• To do
Transcribe exactly the lines from the top of the records below through the line that holds "Its self-contained STEP", both included, with no pictures.

BEGIN

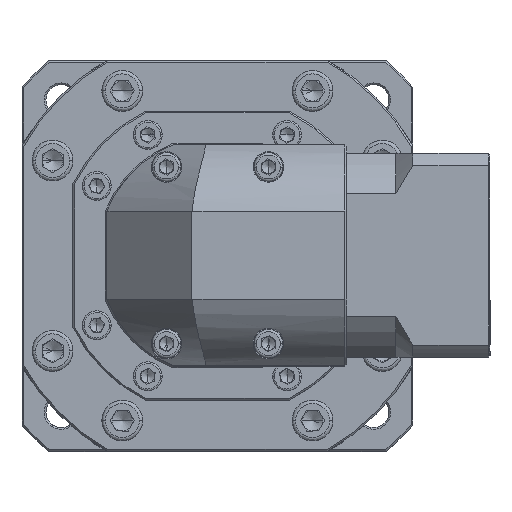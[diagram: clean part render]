
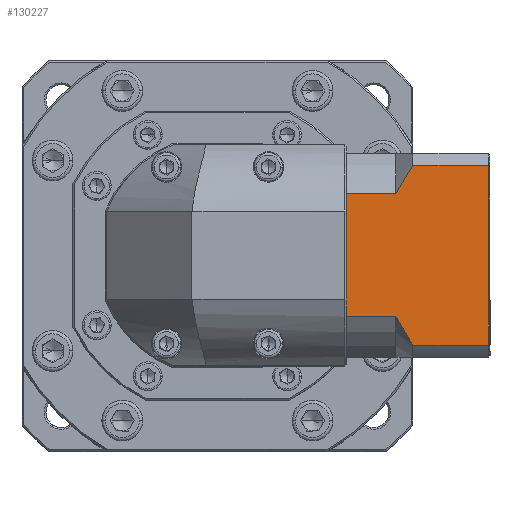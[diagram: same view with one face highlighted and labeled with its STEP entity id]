
A CAD part, top view. The second image highlights one B-rep face of the part: STEP entity #130227.
In plain terms, the highlighted planar face has unit normal (0, 0, 1).
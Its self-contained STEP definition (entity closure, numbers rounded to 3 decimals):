
#286 = CARTESIAN_POINT ( 'NONE',  ( 119.785, 148.031, 32.992 ) ) ;
#1730 = CARTESIAN_POINT ( 'NONE',  ( 119.285, 144.489, 32.992 ) ) ;
#4349 = VERTEX_POINT ( 'NONE', #58094 ) ;
#4802 = CARTESIAN_POINT ( 'NONE',  ( 77.585, 135.068, 32.992 ) ) ;
#5063 = LINE ( 'NONE', #5781, #80052 ) ;
#5781 = CARTESIAN_POINT ( 'NONE',  ( 119.285, 148.031, 32.992 ) ) ;
#8400 = CARTESIAN_POINT ( 'NONE',  ( 77.585, 100.994, 32.992 ) ) ;
#9113 = VERTEX_POINT ( 'NONE', #125831 ) ;
#15760 = CARTESIAN_POINT ( 'NONE',  ( 92.085, 100.003, 32.992 ) ) ;
#16429 = VECTOR ( 'NONE', #18210, 1000. ) ;
#18210 = DIRECTION ( 'NONE',  ( 1., 0., 0. ) ) ;
#18592 = VERTEX_POINT ( 'NONE', #123386 ) ;
#20047 = LINE ( 'NONE', #77000, #16429 ) ;
#24977 = ORIENTED_EDGE ( 'NONE', *, *, #106202, .T. ) ;
#25496 = VECTOR ( 'NONE', #98718, 1000. ) ;
#26202 = CARTESIAN_POINT ( 'NONE',  ( 96.186, 143.129, 32.992 ) ) ;
#27446 = VERTEX_POINT ( 'NONE', #4802 ) ;
#28707 = VERTEX_POINT ( 'NONE', #76241 ) ;
#30047 = EDGE_CURVE ( 'NONE', #47158, #28707, #35683, .T. ) ;
#35683 = B_SPLINE_CURVE_WITH_KNOTS ( 'NONE', 3,
 ( #49125, #26202, #50617, #105919, #38693, #37722 ),
 .UNSPECIFIED., .F., .F.,
 ( 4, 2, 4 ),
 ( 0.052, 0.057, 0.062 ),
 .UNSPECIFIED. ) ;
#36294 = CARTESIAN_POINT ( 'NONE',  ( 97.085, 144.489, 32.992 ) ) ;
#37722 = CARTESIAN_POINT ( 'NONE',  ( 92.085, 136.059, 32.992 ) ) ;
#38693 = CARTESIAN_POINT ( 'NONE',  ( 92.833, 137.511, 32.992 ) ) ;
#41621 = CARTESIAN_POINT ( 'NONE',  ( 77.585, 148.031, 32.992 ) ) ;
#42178 = CARTESIAN_POINT ( 'NONE',  ( 96.184, 92.936, 32.992 ) ) ;
#42382 = ORIENTED_EDGE ( 'NONE', *, *, #42440, .F. ) ;
#42440 = EDGE_CURVE ( 'NONE', #4349, #28707, #20047, .T. ) ;
#43755 = DIRECTION ( 'NONE',  ( 0., 0., -1. ) ) ;
#44188 = ORIENTED_EDGE ( 'NONE', *, *, #124835, .T. ) ;
#45023 = LINE ( 'NONE', #64768, #126910 ) ;
#47158 = VERTEX_POINT ( 'NONE', #36294 ) ;
#47224 = EDGE_CURVE ( 'NONE', #18592, #98803, #133603, .T. ) ;
#48658 = CARTESIAN_POINT ( 'NONE',  ( 97.085, 91.574, 32.992 ) ) ;
#49125 = CARTESIAN_POINT ( 'NONE',  ( 97.085, 144.489, 32.992 ) ) ;
#50175 = CARTESIAN_POINT ( 'NONE',  ( 92.835, 98.547, 32.992 ) ) ;
#50617 = CARTESIAN_POINT ( 'NONE',  ( 95.312, 141.75, 32.992 ) ) ;
#54455 = DIRECTION ( 'NONE',  ( 1., 0., 0. ) ) ;
#55847 = LINE ( 'NONE', #110147, #25496 ) ;
#58094 = CARTESIAN_POINT ( 'NONE',  ( 77.585, 136.059, 32.992 ) ) ;
#58273 = DIRECTION ( 'NONE',  ( 0., -1., 0. ) ) ;
#60197 = VERTEX_POINT ( 'NONE', #8400 ) ;
#62662 = CARTESIAN_POINT ( 'NONE',  ( 77.585, 100.003, 32.992 ) ) ;
#62819 = EDGE_CURVE ( 'NONE', #47158, #78386, #79469, .T. ) ;
#64768 = CARTESIAN_POINT ( 'NONE',  ( 92.085, 100.003, 32.992 ) ) ;
#69526 = ORIENTED_EDGE ( 'NONE', *, *, #30047, .T. ) ;
#73583 = CARTESIAN_POINT ( 'NONE',  ( 92.085, 91.574, 32.992 ) ) ;
#75055 = CARTESIAN_POINT ( 'NONE',  ( 93.636, 97.121, 32.992 ) ) ;
#75873 = EDGE_CURVE ( 'NONE', #60197, #122403, #126175, .T. ) ;
#76241 = CARTESIAN_POINT ( 'NONE',  ( 92.085, 136.059, 32.992 ) ) ;
#77000 = CARTESIAN_POINT ( 'NONE',  ( 92.085, 136.059, 32.992 ) ) ;
#78125 = DIRECTION ( 'NONE',  ( 1., 0., 0. ) ) ;
#78386 = VERTEX_POINT ( 'NONE', #1730 ) ;
#79469 = LINE ( 'NONE', #137666, #127625 ) ;
#80052 = VECTOR ( 'NONE', #107477, 1000. ) ;
#82134 = ORIENTED_EDGE ( 'NONE', *, *, #113311, .T. ) ;
#83645 = AXIS2_PLACEMENT_3D ( 'NONE', #286, #43755, #78125 ) ;
#86535 = CARTESIAN_POINT ( 'NONE',  ( 97.085, 91.574, 32.992 ) ) ;
#88188 = EDGE_CURVE ( 'NONE', #4349, #27446, #55847, .T. ) ;
#90573 = PLANE ( 'NONE',  #83645 ) ;
#95930 = ORIENTED_EDGE ( 'NONE', *, *, #88188, .T. ) ;
#96787 = EDGE_CURVE ( 'NONE', #9113, #122403, #45023, .T. ) ;
#98702 = LINE ( 'NONE', #136981, #143273 ) ;
#98718 = DIRECTION ( 'NONE',  ( 0., -1., 0. ) ) ;
#98803 = VERTEX_POINT ( 'NONE', #48658 ) ;
#98936 = ORIENTED_EDGE ( 'NONE', *, *, #47224, .F. ) ;
#99748 = ORIENTED_EDGE ( 'NONE', *, *, #96787, .F. ) ;
#105919 = CARTESIAN_POINT ( 'NONE',  ( 93.637, 138.942, 32.992 ) ) ;
#106202 = EDGE_CURVE ( 'NONE', #27446, #60197, #98702, .T. ) ;
#107477 = DIRECTION ( 'NONE',  ( 0., 1., 0. ) ) ;
#110147 = CARTESIAN_POINT ( 'NONE',  ( 77.585, 148.031, 32.992 ) ) ;
#110337 = DIRECTION ( 'NONE',  ( 0., -1., 0. ) ) ;
#113311 = EDGE_CURVE ( 'NONE', #18592, #78386, #5063, .T. ) ;
#120565 = FACE_OUTER_BOUND ( 'NONE', #143148, .T. ) ;
#122403 = VERTEX_POINT ( 'NONE', #62662 ) ;
#123386 = CARTESIAN_POINT ( 'NONE',  ( 119.285, 91.574, 32.992 ) ) ;
#124835 = EDGE_CURVE ( 'NONE', #9113, #98803, #138874, .T. ) ;
#125831 = CARTESIAN_POINT ( 'NONE',  ( 92.085, 100.003, 32.992 ) ) ;
#126175 = LINE ( 'NONE', #41621, #140503 ) ;
#126910 = VECTOR ( 'NONE', #144458, 1000. ) ;
#127625 = VECTOR ( 'NONE', #54455, 1000. ) ;
#130227 = ADVANCED_FACE ( 'NONE', ( #120565 ), #90573, .F. ) ;
#131767 = VECTOR ( 'NONE', #142319, 1000. ) ;
#132308 = ORIENTED_EDGE ( 'NONE', *, *, #62819, .F. ) ;
#133603 = LINE ( 'NONE', #73583, #131767 ) ;
#136981 = CARTESIAN_POINT ( 'NONE',  ( 77.585, 148.031, 32.992 ) ) ;
#137666 = CARTESIAN_POINT ( 'NONE',  ( 92.085, 144.489, 32.992 ) ) ;
#138874 = B_SPLINE_CURVE_WITH_KNOTS ( 'NONE', 3,
 ( #15760, #50175, #75055, #142840, #42178, #86535 ),
 .UNSPECIFIED., .F., .F.,
 ( 4, 2, 4 ),
 ( 0.1, 0.104, 0.109 ),
 .UNSPECIFIED. ) ;
#140503 = VECTOR ( 'NONE', #110337, 1000. ) ;
#142319 = DIRECTION ( 'NONE',  ( -1., 0., 0. ) ) ;
#142840 = CARTESIAN_POINT ( 'NONE',  ( 95.31, 94.316, 32.992 ) ) ;
#143148 = EDGE_LOOP ( 'NONE', ( #98936, #82134, #132308, #69526, #42382, #95930, #24977, #147737, #99748, #44188 ) ) ;
#143273 = VECTOR ( 'NONE', #58273, 1000. ) ;
#144458 = DIRECTION ( 'NONE',  ( -1., 0., 0. ) ) ;
#147737 = ORIENTED_EDGE ( 'NONE', *, *, #75873, .T. ) ;

END

• Written solution
[diagram: clean part render]
[diagram: same view with one face highlighted and labeled with its STEP entity id]
A CAD part, top view. The second image highlights one B-rep face of the part: STEP entity #130227.
In plain terms, the highlighted planar face has unit normal (0, 0, 1).
Its self-contained STEP definition (entity closure, numbers rounded to 3 decimals):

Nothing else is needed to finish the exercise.